## What is expected
Go over the entries and report the lines where the word "diagram" occurs.

-- Opening Marker --

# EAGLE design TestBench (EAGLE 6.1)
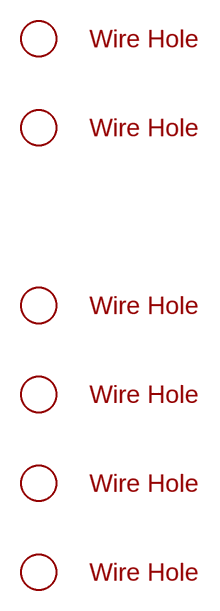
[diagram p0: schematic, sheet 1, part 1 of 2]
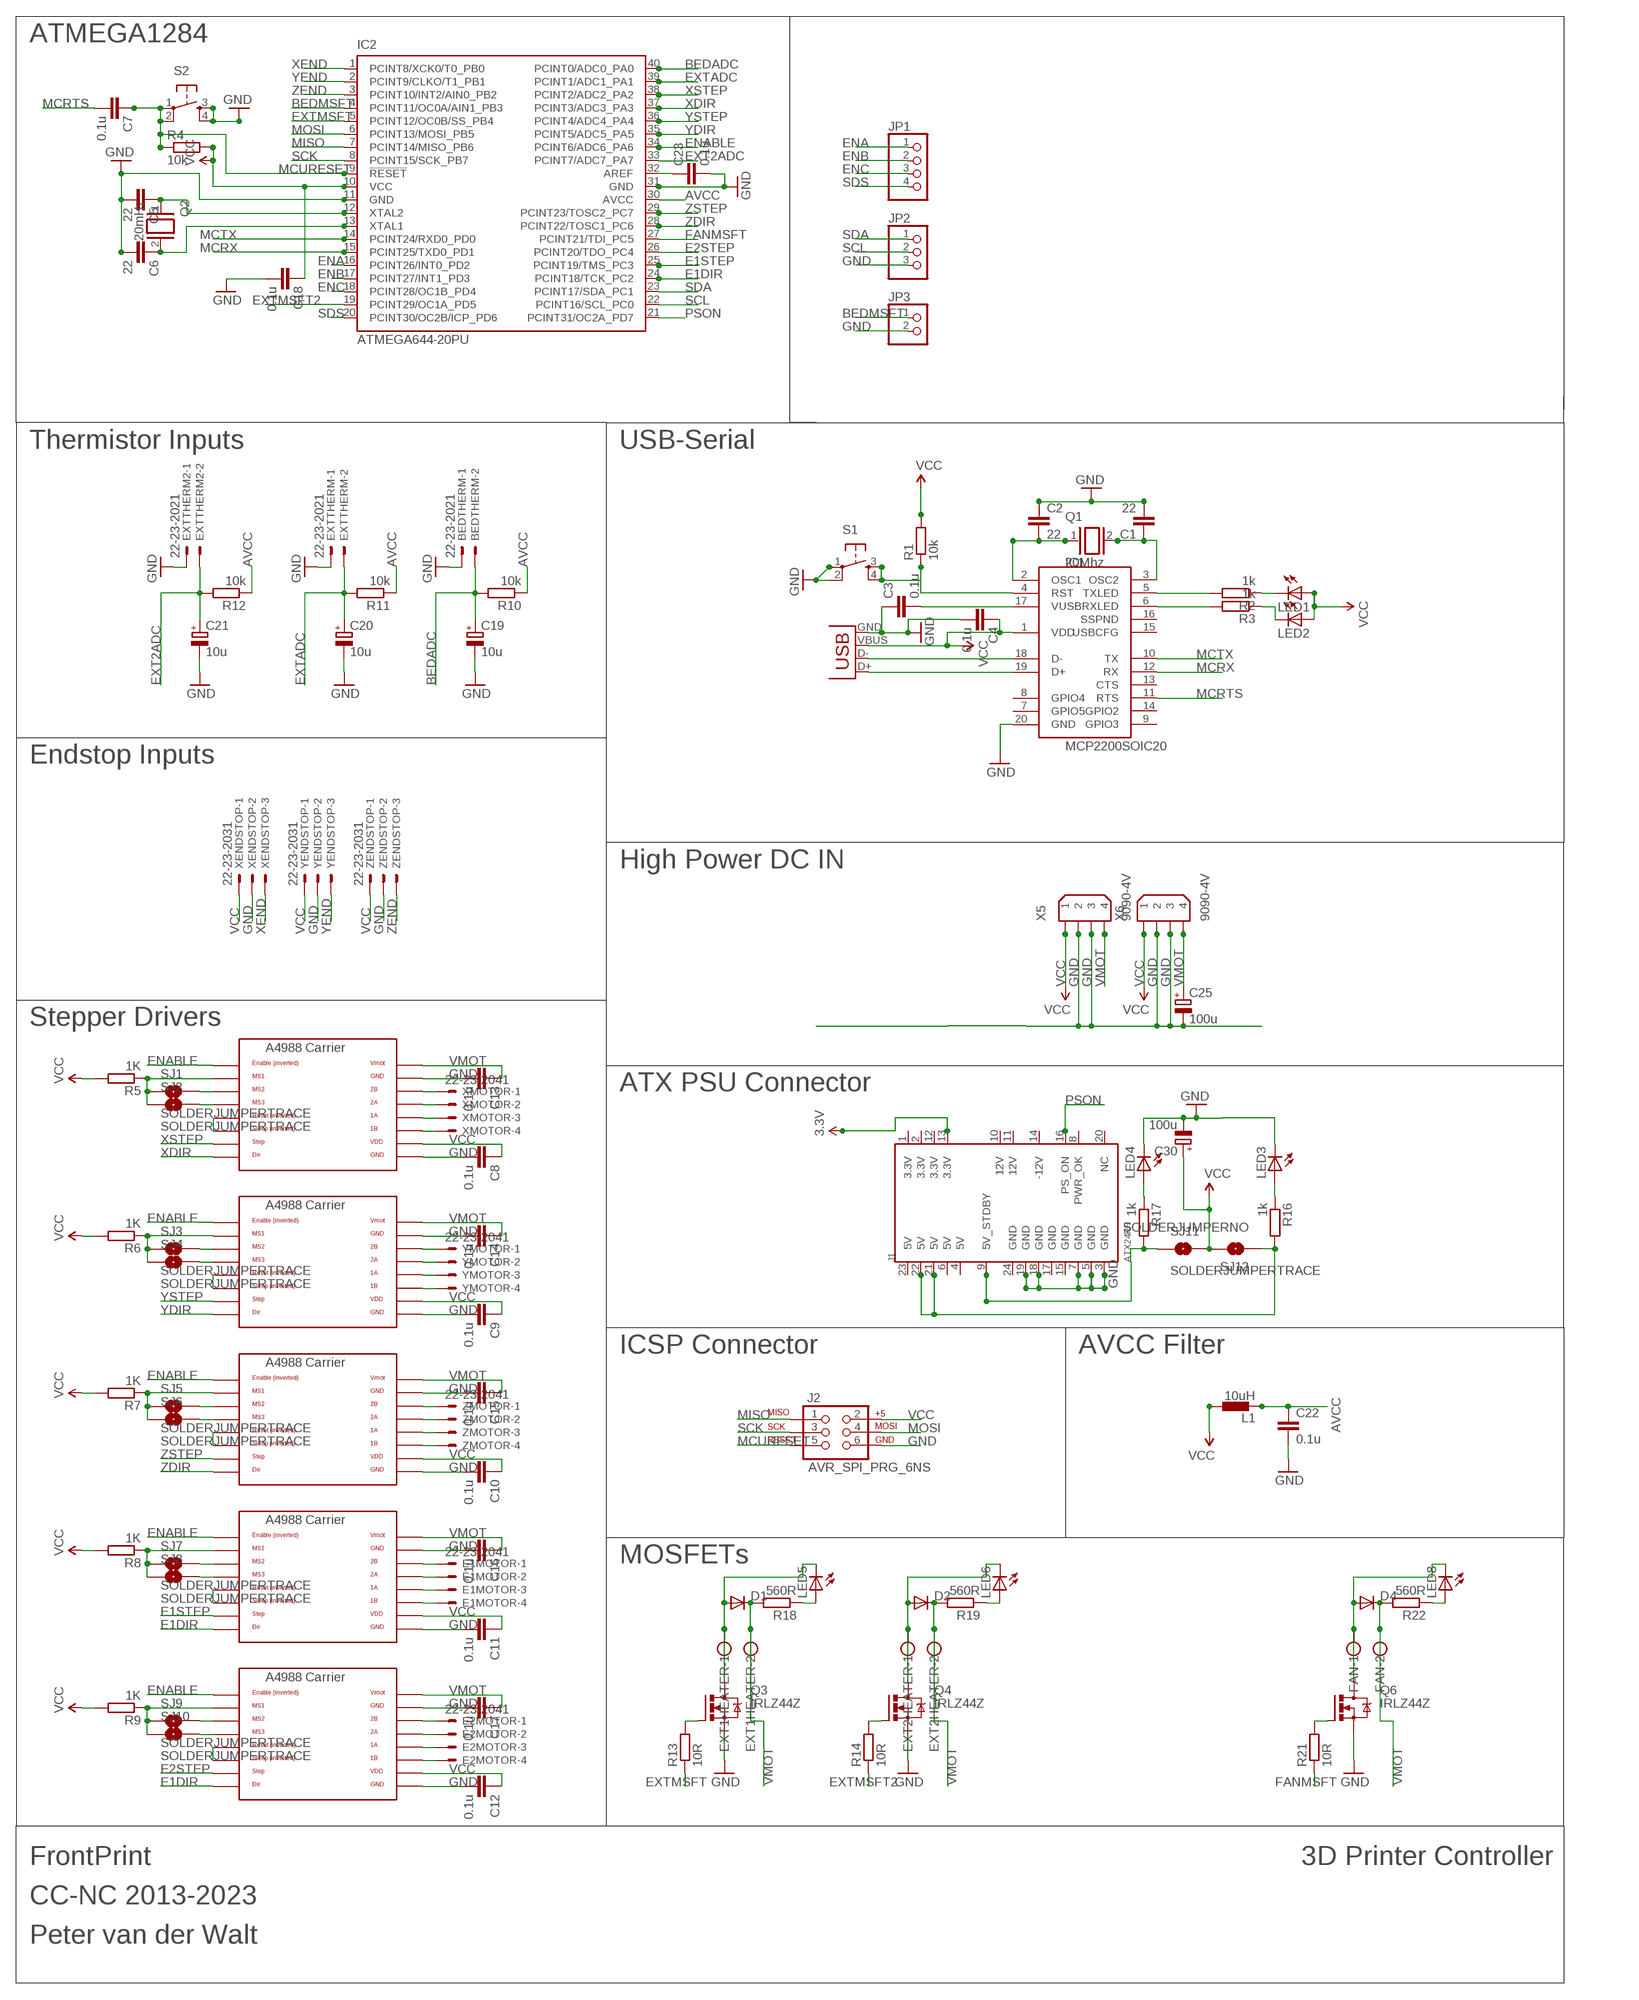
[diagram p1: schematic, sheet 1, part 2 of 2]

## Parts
BEDTHERM  22-23-2021  [22-23-2021]
C1  22  CAPKIT  [CAP-PTH-SMALL-KIT]
C2  22  CAPKIT  [CAP-PTH-SMALL-KIT]
C3  0.1u  CAPKIT  [CAP-PTH-SMALL-KIT]
C4  0.1u  CAPKIT  [CAP-PTH-SMALL-KIT]
C5  22  CAPKIT  [CAP-PTH-SMALL-KIT]
C6  22  CAPKIT  [CAP-PTH-SMALL-KIT]
C7  0.1u  CAPKIT  [CAP-PTH-SMALL-KIT]
C8  0.1u  CAPKIT  [CAP-PTH-SMALL-KIT]
C9  0.1u  CAPKIT  [CAP-PTH-SMALL-KIT]
C10  0.1u  CAPKIT  [CAP-PTH-SMALL-KIT]
C11  0.1u  CAPKIT  [CAP-PTH-SMALL-KIT]
C12  0.1u  CAPKIT  [CAP-PTH-SMALL-KIT]
C13  0.1u  CAPKIT  [CAP-PTH-SMALL-KIT]
C14  0.1u  CAPKIT  [CAP-PTH-SMALL-KIT]
C15  0.1u  CAPKIT  [CAP-PTH-SMALL-KIT]
C16  0.1u  CAPKIT  [CAP-PTH-SMALL-KIT]
C17  0.1u  CAPKIT  [CAP-PTH-SMALL-KIT]
C18  0.1u  CAPKIT  [CAP-PTH-SMALL-KIT]
C19  10u  CPOL-EUE2.5-5  [E2,5-5]
C20  10u  CPOL-EUE2.5-5  [E2,5-5]
C21  10u  CPOL-EUE2.5-5  [E2,5-5]
C22  0.1u  CAPKIT  [CAP-PTH-SMALL-KIT]
C23  0.1u  CAPKIT  [CAP-PTH-SMALL-KIT]
C25  100u  CPOL-EUE5-8.5  [E5-8,5]
C30  100u  CPOL-EUE5-8.5  [E5-8,5]
D1  DIODE1N4148  [DIODE-1N4148]
D2  DIODE1N4148  [DIODE-1N4148]
D4  DIODE1N4148  [DIODE-1N4148]
E1MOTOR  22-23-2041  [22-23-2041]
E2MOTOR  22-23-2041  [22-23-2041]
EPOLOLU  POLOLU_A4983CARRIER  [A4988BREAKOUT]
EPOLOLU2  POLOLU_A4983CARRIER  [A4988BREAKOUT]
EXT1HEATER  W237-102  [W237-102]
EXT2HEATER  W237-102  [W237-102]
EXTTHERM  22-23-2021  [22-23-2021]
EXTTHERM2  22-23-2021  [22-23-2021]
FAN  W237-102  [W237-102]
IC1  MCP2200SOIC20  [SOIC20]
IC2  ATMEGA644-20PU  [DIL40]
J1  ATX24RH  [ATX24_RIGHT_ANGLE]
J2  AVR_SPI_PRG_6NS  [2X3-NS]
JP1  PINHD-1X4  [1X04]
JP2  PINHD-1X3  [1X03]
JP3  PINHD-1X2  [1X02]
L1  10uH  BL01RN1A  [BL01RN1A]
LED1  LED3MM  [LED3MM]
LED2  LED3MM  [LED3MM]
LED3  LED3MM  [LED3MM]
LED4  LED3MM  [LED3MM]
LED5  LED3MM  [LED3MM]
LED6  LED3MM  [LED3MM]
LED8  LED3MM  [LED3MM]
Q1  20Mhz  XTAL/S  [QS]
Q2  20mHz  XTAL/S  [QS]
Q3  IRLZ44Z  [TO220BH]
Q4  IRLZ44Z  [TO220BH]
Q6  IRLZ44Z  [TO220BH]
R1  10k  R-EU_0204/7  [0204/7]
R2  1k  R-EU_0204/7  [0204/7]
R3  1k  R-EU_0204/7  [0204/7]
R4  10k  R-EU_0204/7  [0204/7]
R5  1K  R-EU_0204/7  [0204/7]
R6  1K  R-EU_0204/7  [0204/7]
R7  1K  R-EU_0204/7  [0204/7]
R8  1K  R-EU_0204/7  [0204/7]
R9  1K  R-EU_0204/7  [0204/7]
R10  10k  R-EU_0204/7  [0204/7]
R11  10k  R-EU_0204/7  [0204/7]
R12  10k  R-EU_0204/7  [0204/7]
R13  10R  R-EU_0204/7  [0204/7]
R14  10R  R-EU_0204/7  [0204/7]
R16  1k  R-EU_0204/7  [0204/7]
R17  1k  R-EU_0204/7  [0204/7]
R18  560R  R-EU_0204/7  [0204/7]
R19  560R  R-EU_0204/7  [0204/7]
R21  10R  R-EU_0204/7  [0204/7]
R22  560R  R-EU_0204/7  [0204/7]
S1  TAC_SWITCHPTH  [TACTILE-PTH]
S2  TAC_SWITCHPTH  [TACTILE-PTH]
SJ1  SOLDERJUMPERTRACE  [SJ_2S-TRACE]
SJ2  SOLDERJUMPERTRACE  [SJ_2S-TRACE]
SJ3  SOLDERJUMPERTRACE  [SJ_2S-TRACE]
SJ4  SOLDERJUMPERTRACE  [SJ_2S-TRACE]
SJ5  SOLDERJUMPERTRACE  [SJ_2S-TRACE]
SJ6  SOLDERJUMPERTRACE  [SJ_2S-TRACE]
SJ7  SOLDERJUMPERTRACE  [SJ_2S-TRACE]
SJ8  SOLDERJUMPERTRACE  [SJ_2S-TRACE]
SJ9  SOLDERJUMPERTRACE  [SJ_2S-TRACE]
SJ10  SOLDERJUMPERTRACE  [SJ_2S-TRACE]
SJ11  SOLDERJUMPERTRACE  [SJ_2S-TRACE]
SJ12  SOLDERJUMPERNO  [SJ_2S-NO]
U$1  3MMHOLE  [3MMHOLE]
U$3  3MMHOLE  [3MMHOLE]
U$5  3MMHOLE  [3MMHOLE]
U$6  3MMHOLE  [3MMHOLE]
U$7  3MMHOLE  [3MMHOLE]
U$8  3MMHOLE  [3MMHOLE]
X1  USBPTH  [USB-B-PTH]
X5  9090-4V  [9090-4V]
X6  9090-4V  [9090-4V]
XENDSTOP  22-23-2031  [22-23-2031]
XMOTOR  22-23-2041  [22-23-2041]
XPOLOLU  POLOLU_A4983CARRIER  [A4988BREAKOUT]
YENDSTOP  22-23-2031  [22-23-2031]
YMOTOR  22-23-2041  [22-23-2041]
YPOLOLU  POLOLU_A4983CARRIER  [A4988BREAKOUT]
ZENDSTOP  22-23-2031  [22-23-2031]
ZMOTOR  22-23-2041  [22-23-2041]
ZPOLOLU  POLOLU_A4983CARRIER  [A4988BREAKOUT]

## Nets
3.3V: J1.13(3.3V)
AVCC: C22.1 IC2.30(AVCC) L1.1 R10.1 R11.1 R12.1
BEDADC: BEDTHERM.2 C19.+ IC2.40(PCINT0/ADC0_PA0) R10.2
BEDMSFT: IC2.4(PCINT11/OC0A/AIN1_PB3) JP3.1
E1DIR: EPOLOLU2.DIR EPOLOLU.DIR IC2.24(PCINT18/TCK_PC2)
E1STEP: EPOLOLU.STEP IC2.25(PCINT19/TMS_PC3)
E2STEP: EPOLOLU2.STEP IC2.26(PCINT20/TDO_PC4)
ENA: IC2.16(PCINT26/INT0_PD2) JP1.1
ENABLE: EPOLOLU2.EN EPOLOLU.EN IC2.34(PCINT6/ADC6_PA6) XPOLOLU.EN YPOLOLU.EN ZPOLOLU.EN
ENB: IC2.17(PCINT27/INT1_PD3) JP1.2
ENC: IC2.18(PCINT28/OC1B_PD4) JP1.3
EXT2ADC: C21.+ EXTTHERM2.2 IC2.33(PCINT7/ADC7_PA7) R12.2
EXTADC: C20.+ EXTTHERM.2 IC2.39(PCINT1/ADC1_PA1) R11.2
EXTMSFT: IC2.5(PCINT12/OC0B/SS_PB4) R13.1
EXTMSFT2: IC2.19(PCINT29/OC1A_PD5) R14.1
FANMSFT: IC2.27(PCINT21/TDI_PC5) R21.1
GND: BEDTHERM.1 C1.2 C2.1 C3.1 C4.2 C5.2 C6.2 C8.2 C9.2 C10.2 C11.2 C12.2 C13.2 C14.2 C15.2 C16.2 C17.2 C18.2 C19.- C20.- C21.- C22.2 C23.2 C25.- C30.- EPOLOLU2.GND EPOLOLU2.GND@0(GND) EPOLOLU.GND EPOLOLU.GND@0(GND) EXTTHERM2.1 EXTTHERM.1 IC1.20(GND) IC2.11(GND) IC2.31(GND) J1.3(GND) J1.5(GND) J1.7(GND) J1.18(GND) J1.19(GND) J2.6 JP2.3 JP3.2 LED3.K(C) LED4.K(C) Q3.S Q4.S Q6.S S1.1 S1.2 S2.3 S2.4 X1.GND X5.2 X5.3 X6.2 X6.3 XENDSTOP.2 XPOLOLU.GND XPOLOLU.GND@0(GND) YENDSTOP.2 YPOLOLU.GND YPOLOLU.GND@0(GND) ZENDSTOP.2 ZPOLOLU.GND ZPOLOLU.GND@0(GND)
MCRTS: C7.2 IC1.11(RTS)
MCRX: IC1.12(RX) IC2.15(PCINT25/TXD0_PD1)
MCTX: IC1.10(TX) IC2.14(PCINT24/RXD0_PD0)
MCURESET: C7.1 IC2.9(!RESET) J2.5 R4.1 S2.1 S2.2
MISO: IC2.7(PCINT14/MISO_PB6) J2.1
MOSI: IC2.6(PCINT13/MOSI_PB5) J2.4
N$1: C2.2 IC1.2(OSC1) Q1.1
N$2: C1.1 IC1.3(OSC2) Q1.2
N$3: IC1.5(TXLED) R2.2
N$4: IC1.18(D-) X1.D-
N$5: IC1.19(D+) X1.D+
N$6: IC1.6(RXLED) R3.2
N$7: C3.2 IC1.17(VUSB)
N$8: Q3.G R13.2
N$9: LED1.K(C) R2.1
N$10: LED2.K(C) R3.1
N$11: C5.1 IC2.12(XTAL2) Q2.1
N$12: C6.1 IC2.13(XTAL1) Q2.2
N$13: IC1.4(RST) R1.1 S1.3 S1.4
N$14: R7.1 SJ5.1 SJ6.1 ZPOLOLU.MS1
N$15: SJ6.2 ZPOLOLU.MS3
N$16: SJ5.2 ZPOLOLU.MS2
N$17: EPOLOLU.MS2 SJ7.2
N$18: EPOLOLU.MS3 SJ8.2
N$19: EPOLOLU.MS1 R8.1 SJ7.1 SJ8.1
N$20: SJ3.2 YPOLOLU.MS2
N$21: SJ4.2 YPOLOLU.MS3
N$22: R6.1 SJ3.1 SJ4.1 YPOLOLU.MS1
N$23: SJ1.2 XPOLOLU.MS2
N$24: SJ2.2 XPOLOLU.MS3
N$25: R5.1 SJ1.1 SJ2.1 XPOLOLU.MS1
N$26: XPOLOLU.RST XPOLOLU.SLP(SLEEP)
N$27: YPOLOLU.RST YPOLOLU.SLP(SLEEP)
N$28: ZPOLOLU.RST ZPOLOLU.SLP(SLEEP)
N$29: EPOLOLU.RST EPOLOLU.SLP(SLEEP)
N$30: E1MOTOR.1 EPOLOLU.2B
N$31: E1MOTOR.2 EPOLOLU.2A
N$32: E1MOTOR.3 EPOLOLU.1A
N$33: E1MOTOR.4 EPOLOLU.1B
N$34: ZMOTOR.4 ZPOLOLU.1B
N$35: ZMOTOR.3 ZPOLOLU.1A
N$36: ZMOTOR.2 ZPOLOLU.2A
N$37: ZMOTOR.1 ZPOLOLU.2B
N$38: YMOTOR.4 YPOLOLU.1B
N$39: YMOTOR.3 YPOLOLU.1A
N$40: YMOTOR.2 YPOLOLU.2A
N$41: YMOTOR.1 YPOLOLU.2B
N$42: XMOTOR.4 XPOLOLU.1B
N$43: XMOTOR.3 XPOLOLU.1A
N$44: XMOTOR.2 XPOLOLU.2A
N$45: XMOTOR.1 XPOLOLU.2B
N$46: EPOLOLU2.MS2 SJ9.2
N$47: EPOLOLU2.MS3 SJ10.2
N$48: EPOLOLU2.MS1 R9.1 SJ9.1 SJ10.1
N$49: EPOLOLU2.RST EPOLOLU2.SLP(SLEEP)
N$50: E2MOTOR.1 EPOLOLU2.2B
N$51: E2MOTOR.2 EPOLOLU2.2A
N$52: E2MOTOR.3 EPOLOLU2.1A
N$53: E2MOTOR.4 EPOLOLU2.1B
N$54: C23.1 IC2.32(AREF)
N$55: D1.A EXT1HEATER.1 LED5.K(C) Q3.D
N$56: Q4.G R14.2
N$57: D2.A EXT2HEATER.1 LED6.K(C) Q4.D
N$60: J1.21(5V) J1.22(5V) R16.2 SJ12.1
N$61: LED5.A R18.1
N$62: J1.9(5V_STDBY) R17.2 SJ11.1
N$63: LED4.A R17.1
N$64: LED3.A R16.1
N$65: Q6.G R21.2
N$66: LED6.A R19.1
N$67: D4.A FAN.1 LED8.K(C) Q6.D
N$69: LED8.A R22.1
PSON: IC2.21(PCINT31/OC2A_PD7) J1.16(PS_ON)
SCK: IC2.8(PCINT15/SCK_PB7) J2.3
SCL: IC2.22(PCINT16/SCL_PC0) JP2.2
SDA: IC2.23(PCINT17/SDA_PC1) JP2.1
SDS: IC2.20(PCINT30/OC2B/ICP_PD6) JP1.4
VCC: C4.1 C8.1 C9.1 C10.1 C11.1 C12.1 C18.1 C30.+ EPOLOLU2.VDD EPOLOLU.VDD IC1.1(VDD) IC2.10(VCC) J2.2 L1.2 LED1.A LED2.A R1.2 R4.2 R5.2 R6.2 R7.2 R8.2 R9.2 SJ11.2 SJ12.2 X1.VBUS X5.1 X6.1 XENDSTOP.1 XPOLOLU.VDD YENDSTOP.1 YPOLOLU.VDD ZENDSTOP.1 ZPOLOLU.VDD
VMOT: C13.1 C14.1 C15.1 C16.1 C17.1 C25.+ D1.C D2.C D4.C EPOLOLU2.VMOT EPOLOLU.VMOT EXT1HEATER.2 EXT2HEATER.2 FAN.2 R18.2 R19.2 R22.2 X5.4 X6.4 XPOLOLU.VMOT YPOLOLU.VMOT ZPOLOLU.VMOT
XDIR: IC2.37(PCINT3/ADC3_PA3) XPOLOLU.DIR
XEND: IC2.1(PCINT8/XCK0/T0_PB0) XENDSTOP.3
XSTEP: IC2.38(PCINT2/ADC2_PA2) XPOLOLU.STEP
YDIR: IC2.35(PCINT5/ADC5_PA5) YPOLOLU.DIR
YEND: IC2.2(PCINT9/CLKO/T1_PB1) YENDSTOP.3
YSTEP: IC2.36(PCINT4/ADC4_PA4) YPOLOLU.STEP
ZDIR: IC2.28(PCINT22/TOSC1_PC6) ZPOLOLU.DIR
ZEND: IC2.3(PCINT10/INT2/AIN0_PB2) ZENDSTOP.3
ZSTEP: IC2.29(PCINT23/TOSC2_PC7) ZPOLOLU.STEP
Unconnected: IC1.7(GPIO5) IC1.8(GPIO4) IC1.9(GPIO3) IC1.13(CTS) IC1.14(GPIO2) IC1.15(USBCFG) IC1.16(SSPND) J1.1(3.3V) J1.2(3.3V) J1.4(5V) J1.6(5V) J1.8(PWR_OK) J1.10(12V) J1.11(12V) J1.12(3.3V) J1.14(-12V) J1.15(GND) J1.17(GND) J1.20(NC) J1.23(5V) J1.24(GND)

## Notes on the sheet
- ATMEGA1284
- Thermistor Inputs | USB-Serial
- Endstop Inputs
- High Power DC IN
- Stepper Drivers
- ATX PSU Connector
- ICSP Connector | AVCC Filter
- MOSFETs
- FrontPrint | 3D Printer Controller
- CC-NC 2013-2023
- Peter van der Walt

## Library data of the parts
BEDTHERM EXTTHERM EXTTHERM2 = con-molex:22-23-2021: .100" (2.54mm) Center Header - 2 Pin; MF: MOLEX; MPN: 22-23-2021; OC_FARNELL: 1462926; OC_NEWARK: 25C3832
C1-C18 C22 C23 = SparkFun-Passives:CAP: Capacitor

-- Closing Marker --

## Your solution
[diagram p0: schematic, sheet 1, part 1 of 2]
[diagram p1: schematic, sheet 1, part 2 of 2]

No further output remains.